- Requirement: Exactly the lines from the beginning of the listing below through the line that contains "Products named in" should be transcribed, and pictures must stay out.
======
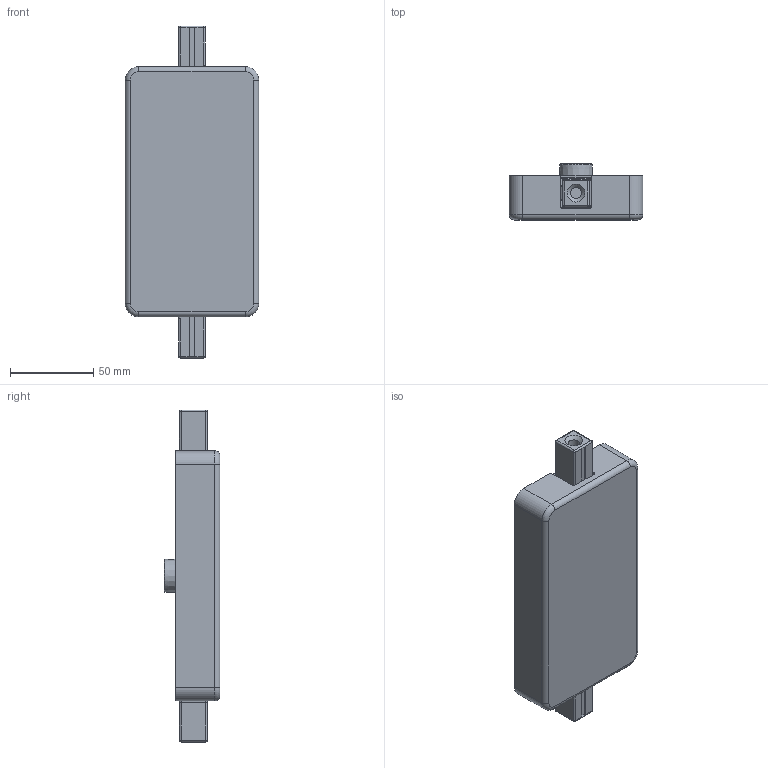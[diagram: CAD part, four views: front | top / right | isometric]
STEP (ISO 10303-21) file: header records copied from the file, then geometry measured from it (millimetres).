
FILE_DESCRIPTION((''),'2;1');
FILE_NAME('C:\Users\G1006U\Desktop\問い合わせ\HP用３Ｄデータ\EL-134 R.stp','2020-03-27T18:56:46',('G1006U'),(''),'Autodesk Inventor 2013','Autodesk Inventor 2013','');
FILE_SCHEMA(('AUTOMOTIVE_DESIGN { 1 0 10303 214 1 1 1 1 }'));
Length unit declared in the file: millimetre
Products named in the file (8): EL-133 R; Case; Lid; OuterBush; Hub; Clutch; Slidebolt; Cover 穴なし
Assembly tree (8 placements, depth 2):
  EL-133 R
    Case
    Lid
    OuterBush
    Hub
    Clutch
    Slidebolt  x2
    Cover 穴なし
Bounding box: 80 x 33.5 x 199.09 mm (x, y, z)
Volume: 153276.5 mm3; surface area: 136556.9 mm2
Topology: 8 solids, 8 shells, 1468 faces, 3646 edges, 2104 vertices
Faces by surface type: plane 612, cylinder 506, torus 151, sphere 104, bspline 71, cone 24
Full cylindrical faces by diameter (mm): 3 x2, 4.5 x4, 5.4 x2, 6.1 x4, 6.75 x2, 7.1 x6, 7.6 x2, 9.8 x4, 20.1 x1, 24 x1, 24.1 x1, 26 x1, 26.2 x1, 28.6 x1, 30 x2
Entity records: 35095 total; most frequent: CARTESIAN_POINT 7762, DIRECTION 5759, ORIENTED_EDGE 5520, EDGE_CURVE 2760, AXIS2_PLACEMENT_3D 2040, VERTEX_POINT 1719, VECTOR 1679, LINE 1679
======
- Exercise result:
[diagram: CAD part, four views: front | top / right | isometric]
STEP (ISO 10303-21) file: header records copied from the file, then geometry measured from it (millimetres).
FILE_DESCRIPTION((''),'2;1');
FILE_NAME('C:\Users\G1006U\Desktop\問い合わせ\HP用３Ｄデータ\EL-134 R.stp','2020-03-27T18:56:46',('G1006U'),(''),'Autodesk Inventor 2013','Autodesk Inventor 2013','');
FILE_SCHEMA(('AUTOMOTIVE_DESIGN { 1 0 10303 214 1 1 1 1 }'));
Length unit declared in the file: millimetre
Products named in the file (8): EL-133 R; Case; Lid; OuterBush; Hub; Clutch; Slidebolt; Cover 穴なし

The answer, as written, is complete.